Records contained in a dataset:
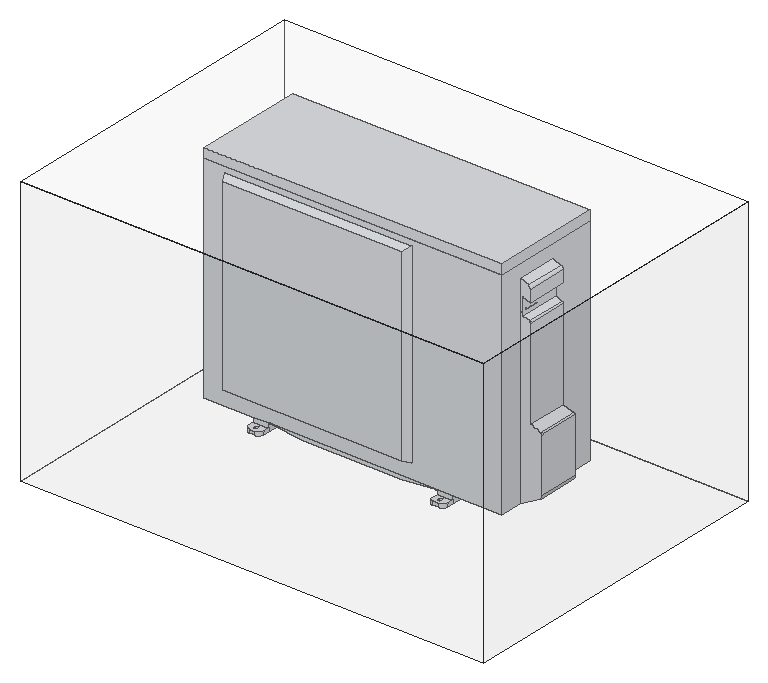
Revit family "puz-ermp40_63ska12_60Hz", category 機械設備, Revit 2019
Family settings
  丸型コネクタ寸法 = 直径を使用
  パーツ タイプ = 標準
  OmniClass 番号 = 23.75.10.24.21.27.27
  OmniClass タイトル = Split System Air Conditioning Units
  作業面ベース = いいえ
  常に垂直 = はい
  ロード時にボイドで切り取り = いいえ
  共有 = いいえ
  部屋計算ポイント = いいえ
Parameters (values of type "PUZ-ERMP63SKA12")
  音響パワーレベル（冷）(dB) = 65
  音響パワーレベル(dB) = 67
  電源種別 = ""
  電源位置Y = 61 mm
  電源位置Z = 497.7 mm
  電源位置X = 400 mm
  電圧 = 200 V
  電動機出力_送風機 = 0.04 kW
  電動機出力_圧縮機 = 1.3 kW
  集中コントローラ [instance] = ""
  運転質量 = 0.00 kg
  運転方法 = "冷暖切替"
  質量 = if(製品質量 > 運転質量, 製品質量, 運転質量) * 1.2  # 48.00 kg
  負荷分類 = 1_熱源類
  説明 = "空冷H/P PAC インバータ室外機"
  設計暖房能力 [instance] = 0 kW
  設計冷房能力_顕熱 [instance] = 0 kW
  設計冷房能力 [instance] = 0 kW
  設置方法 = "床置形"
  記号 [instance] = ""
  製造元 = "三菱電機株式会社"
  製品質量 = 40.00 kg
  製品出荷対象 = "国内"
  製品リリース年月 = "2022/10/11"
  製品グループ = ""
  系統 [instance] = ""
  符号 = "PAC"
  積算_科目 = "1 空気調和設備"
  積算_拾い区分 [instance] = ""
  相 = 1
  盤記号 [instance] = ""
  発停方法 = "付属スイッチ"
  特殊仕様 [instance] = ""
  消費電力_暖房 = 1.4 kW
  消費電力_冷房 = 1.38 kW
  消費電力 = if(消費電力_冷房 > 消費電力_暖房, 消費電力_冷房, 消費電力_暖房)  # 1.4 kW
  法定耐用年数 = "6"
  構成品番 = "PUZ-ERMP63SKA"
  極数 = 1
  材質 [instance] = ""
  本体マテリアル = none
  最小電線太さ_mm2 = 1.6
  最大電流値 = 0 A
  暖房能力 = 6.3 kW
  推奨ブレーカー容量 = 30 A
  据付ピッチ1 = 0 mm
  形式 = "パッケージ形 室外機"
  形名 = PUZ-ZRMP-1 : PUZ-ZRMP-1
  幹線記号 [instance] = ""
  始動方式 = "インバータ始動方式"
  呼称 = "パッケージ形空気調和機_室外機"
  周波数 = 60 Hz
  価格 = 659000
  ドレン　位置Z = 8.5 mm
  ドレン　位置Y = 48.5 mm
  ドレン　位置X = 404.5 mm
  アンカーボルト位置Y = 330 mm
  アンカーボルト位置X = 500 mm
  参照している仕様書等のバージョン = "公共建築物標準仕様書（機械設備工事編）平成31年度版"
  分類コード = "50053003126100"
  分類グループ = ""
  冷房能力 = 5.6 kW
  冷媒管（ガス）位置X = 420 mm
  冷媒管（液）位置X = 420 mm
  冷媒管（液）位置Y = 153.75 mm
  冷媒管（ガス）位置Y = 153.75 mm
  冷媒管長 [instance] = 0 mm
  冷媒管径符号 = "Ac"
  冷媒管径 = 60.00 mm
  冷媒管位置Z = 158.95 mm
  冷媒管位置Y = (冷媒管（液）位置Y + 冷媒管（ガス）位置Y) / 2  # 153.75 mm
  冷媒管位置X = (冷媒管（液）位置X + 冷媒管（ガス）位置X) / 2  # 420 mm
  冷媒液管径 = 6.35 mm
  冷媒ガス管径 = 12.70 mm
  企業コード = "108420"
  付属品 [instance] = ""
  仕様書バージョン = "Version1.0"
  ユニット数 = 1
  ユニット3 = yes
  ユニット2 = yes
  Model = ""
  ドレン管径 = 42.00 mm
  サービススペース = yes
  コメント [instance] = ""
  ケーブル種類1 = ""
  Width = 809 mm
  Version = ""
  Uniclass2015Version = "Systems v1.9"
  Uniclass2015Title = "Split coil remote air cooled condensing units"
  Uniclass2015Code = "Pr_70_65_03_84"
  URL = "https://www.mitsubishielectric.co.jp/ldg/wink/ssl/displayProduct.do?pid=323641"
  SpecificationReference = ""
  SpecificationDescription = ""
  Revision = ""
  ProductInformation = ""
  OmniClassCode = "23-33 17 13 11"
  IfcTypeProduct = ""
  IfcProduct = ""
  IfcExportType = "AIRCONDITIONINGUNIT"
  IfcExportAs = "IfcUnitaryEquipmentType"
  Height = 630 mm
  Depth = 300 mm
  Clearance Top = 100 mm
  Clearance Right = 350 mm
  Clearance Left = 100 mm
  Clearance Front = 500 mm
  Clearance Bottom = 0 mm
  Clearance Back = 100 mm
  COP = 0
  Author = "三菱電機株式会社"
  APF = 0
Reference planes
  plane 1 "中心(正面/背面)": y = 74
  plane 2: z = 0
  plane 3 "中心(左/右)": x = 830
  plane 4 "右": x = 1234.5
  plane 5 "左": x = 425.5
  plane 6 "背面": y = 224
  plane 7 "正面": y = -76
  plane 8 "上部": z = 630
  plane 9 "Clearanse Top": z = 730
  plane 10 "SS_back": y = 324
  plane 11 "SS_front": y = -576
  plane 12 "SS_left": x = 325.5
  plane 13 "SS_right": x = 1584.5
  plane 14: z = 0
  plane 15: y = -15
  plane 16: x = 1230
  plane 17: z = 497.7
  plane 18: y = -13
  plane 19: y = 70.25
  plane 20: x = 1250
  plane 21: y = 175.5
  plane 22: x = 830
  plane 23: z = 10.5
  plane 24: z = 8.5
  plane 25: x = 580
  plane 26: x = 1080
  plane 27: y = 239
  plane 28: y = -91
Forms (mm)
  Extrusion 1, solid, detail levels fine
    sketch origin (0, -76, 0) x (1, 0, 0) y (0, 0, 1)
      loop
        circle (1230, 497.7) r 13.5
    from -63 to -61
  Extrusion 2, solid, detail levels fine
    sketch origin (-1437.329, -1524, 54) x (-1, 0, 0) y (0, -1, 0)
      loop
        circle (-2267.329, -1699.5) r 21
    from -45.5 to -43.5
  Sweep 3, solid, material <- "本体マテリアル", detail levels fine
    path origin (1250, 1296.25, 1200) x (0, 1, 0) y (0, 0, 1)
      loop
        line (-1226, -1041.05) -> (-1272.623, -1084.565)
    profile origin (1250, 46.939, 137.193) x (0, 0.682318, -0.731055) y (1, 0, 0)
      loop
        circle (0, 0) r 30
Lines and regions (mm)
  model lines, not visible
    curve 1: line (460, 178.667, 1289.179) -> (460, 297.73, 1289.179)
    curve 2: line (460, 178.667, 1056.056) -> (460, 178.667, 1289.179)
    curve 3: line (460, 297.73, 1056.056) -> (460, 178.667, 1056.056)
    curve 4: line (460, 297.73, 1289.179) -> (460, 297.73, 1056.056)
    curve 5: line (460, 47.598, 1289.179) -> (460, 166.661, 1289.179)
    curve 6: line (460, 47.598, 1056.056) -> (460, 47.598, 1289.179)
    curve 7: line (460, 166.661, 1056.056) -> (460, 47.598, 1056.056)
    curve 8: line (460, 166.661, 1289.179) -> (460, 166.661, 1056.056)
    curve 9: line (460, -83.471, 1289.179) -> (460, 35.592, 1289.179)
    curve 10: line (460, -83.471, 1056.056) -> (460, -83.471, 1289.179)
    curve 11: line (460, 35.592, 1056.056) -> (460, -83.471, 1056.056)
    curve 12: line (460, 35.592, 1289.179) -> (460, 35.592, 1056.056)
    curve 13: line (460, -150.779, 1289.179) -> (460, -95.75, 1289.179)
    curve 14: line (460, -150.779, 1056.056) -> (460, -150.779, 1289.179)
    curve 15: line (460, -95.75, 1056.056) -> (460, -150.779, 1056.056)
    curve 16: line (460, -95.75, 1289.179) -> (460, -95.75, 1056.056)
    curve 17: line (460, -150.779, 1283.175) -> (460, -132.596, 1283.175)
    curve 18: line (460, -150.779, 1062.059) -> (460, -150.779, 1283.175)
    curve 19: line (460, -132.596, 1062.059) -> (460, -150.779, 1062.059)
    curve 20: line (460, -132.596, 1283.175) -> (460, -132.596, 1062.059)
    curve 21: line (460, 178.667, 1046.051) -> (460, 297.73, 1046.051)
    curve 22: line (460, 178.667, 812.928) -> (460, 178.667, 1046.051)
    curve 23: line (460, 297.73, 812.928) -> (460, 178.667, 812.928)
    curve 24: line (460, 297.73, 1046.051) -> (460, 297.73, 812.928)
    curve 25: line (460, 47.598, 1046.051) -> (460, 166.661, 1046.051)
    curve 26: line (460, 47.598, 812.928) -> (460, 47.598, 1046.051)
    curve 27: line (460, 166.661, 812.928) -> (460, 47.598, 812.928)
    curve 28: line (460, 166.661, 1046.051) -> (460, 166.661, 812.928)
    curve 29: line (460, -83.471, 1046.051) -> (460, 35.592, 1046.051)
    curve 30: line (460, -83.471, 812.928) -> (460, -83.471, 1046.051)
    curve 31: line (460, 35.592, 812.928) -> (460, -83.471, 812.928)
    curve 32: line (460, 35.592, 1046.051) -> (460, 35.592, 812.928)
    curve 33: line (460, -150.779, 1046.051) -> (460, -95.75, 1046.051)
    curve 34: line (460, -150.779, 812.928) -> (460, -150.779, 1046.051)
    curve 35: line (460, -95.75, 812.928) -> (460, -150.779, 812.928)
    curve 36: line (460, -95.75, 1046.051) -> (460, -95.75, 812.928)
    curve 37: line (460, -150.779, 1040.048) -> (460, -132.596, 1040.048)
    curve 38: line (460, -150.779, 818.931) -> (460, -150.779, 1040.048)
    curve 39: line (460, -132.596, 818.931) -> (460, -150.779, 818.931)
    curve 40: line (460, -132.596, 1040.048) -> (460, -132.596, 818.931)
    curve 41: line (460, 178.667, 802.923) -> (460, 297.73, 802.923)
    curve 42: line (460, 178.667, 569.8) -> (460, 178.667, 802.923)
    curve 43: line (460, 297.73, 569.8) -> (460, 178.667, 569.8)
    curve 44: line (460, 297.73, 802.923) -> (460, 297.73, 569.8)
    curve 45: line (460, 47.598, 802.923) -> (460, 166.661, 802.923)
    curve 46: line (460, 47.598, 569.8) -> (460, 47.598, 802.923)
    curve 47: line (460, 166.661, 569.8) -> (460, 47.598, 569.8)
    curve 48: line (460, 166.661, 802.923) -> (460, 166.661, 569.8)
    curve 49: line (460, -83.471, 802.923) -> (460, 35.592, 802.923)
    curve 50: line (460, -83.471, 569.8) -> (460, -83.471, 802.923)
    curve 51: line (460, 35.592, 569.8) -> (460, -83.471, 569.8)
    curve 52: line (460, 35.592, 802.923) -> (460, 35.592, 569.8)
    curve 53: line (460, -150.779, 802.923) -> (460, -95.75, 802.923)
    curve 54: line (460, -150.779, 569.8) -> (460, -150.779, 802.923)
    curve 55: line (460, -95.75, 569.8) -> (460, -150.779, 569.8)
    curve 56: line (460, -95.75, 802.923) -> (460, -95.75, 569.8)
    curve 57: line (460, -150.779, 796.92) -> (460, -132.596, 796.92)
    curve 58: line (460, -150.779, 575.803) -> (460, -150.779, 796.92)
    curve 59: line (460, -132.596, 575.803) -> (460, -150.779, 575.803)
    curve 60: line (460, -132.596, 796.92) -> (460, -132.596, 575.803)
    curve 61: line (460, 178.667, 559.795) -> (460, 297.73, 559.795)
    curve 62: line (460, 178.667, 326.672) -> (460, 178.667, 559.795)
    curve 63: line (460, 297.73, 326.672) -> (460, 178.667, 326.672)
    curve 64: line (460, 297.73, 559.795) -> (460, 297.73, 326.672)
    curve 65: line (460, 47.598, 559.795) -> (460, 166.661, 559.795)
    curve 66: line (460, 47.598, 326.672) -> (460, 47.598, 559.795)
    curve 67: line (460, 166.661, 326.672) -> (460, 47.598, 326.672)
    curve 68: line (460, 166.661, 559.795) -> (460, 166.661, 326.672)
    curve 69: line (460, -83.471, 559.795) -> (460, 35.592, 559.795)
    curve 70: line (460, -83.471, 326.672) -> (460, -83.471, 559.795)
    curve 71: line (460, 35.592, 326.672) -> (460, -83.471, 326.672)
    curve 72: line (460, 35.592, 559.795) -> (460, 35.592, 326.672)
    curve 73: line (460, -150.779, 559.795) -> (460, -95.75, 559.795)
    curve 74: line (460, -150.779, 326.672) -> (460, -150.779, 559.795)
    curve 75: line (460, -95.75, 326.672) -> (460, -150.779, 326.672)
    curve 76: line (460, -95.75, 559.795) -> (460, -95.75, 326.672)
    curve 77: line (460, -150.779, 553.792) -> (460, -132.596, 553.792)
    curve 78: line (460, -150.779, 332.675) -> (460, -150.779, 553.792)
    curve 79: line (460, -132.596, 332.675) -> (460, -150.779, 332.675)
    curve 80: line (460, -132.596, 553.792) -> (460, -132.596, 332.675)
    curve 81: line (460, 178.667, 316.667) -> (460, 297.73, 316.667)
    curve 82: line (460, 178.667, 83.544) -> (460, 178.667, 316.667)
    curve 83: line (460, 297.73, 83.544) -> (460, 178.667, 83.544)
    curve 84: line (460, 297.73, 316.667) -> (460, 297.73, 83.544)
    curve 85: line (460, 47.598, 316.667) -> (460, 166.661, 316.667)
    curve 86: line (460, 47.598, 83.544) -> (460, 47.598, 316.667)
    curve 87: line (460, 166.661, 83.544) -> (460, 47.598, 83.544)
    curve 88: line (460, 166.661, 316.667) -> (460, 166.661, 83.544)
    curve 89: line (460, -83.471, 316.667) -> (460, 35.592, 316.667)
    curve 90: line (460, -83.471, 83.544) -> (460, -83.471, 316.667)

## YOUR ASSIGNMENT
Find the word "Extrusion" in the entries. Copy each line that holds it.

## RESPONSE TO THIS TASK
  Extrusion 1, solid, detail levels fine
  Extrusion 2, solid, detail levels fine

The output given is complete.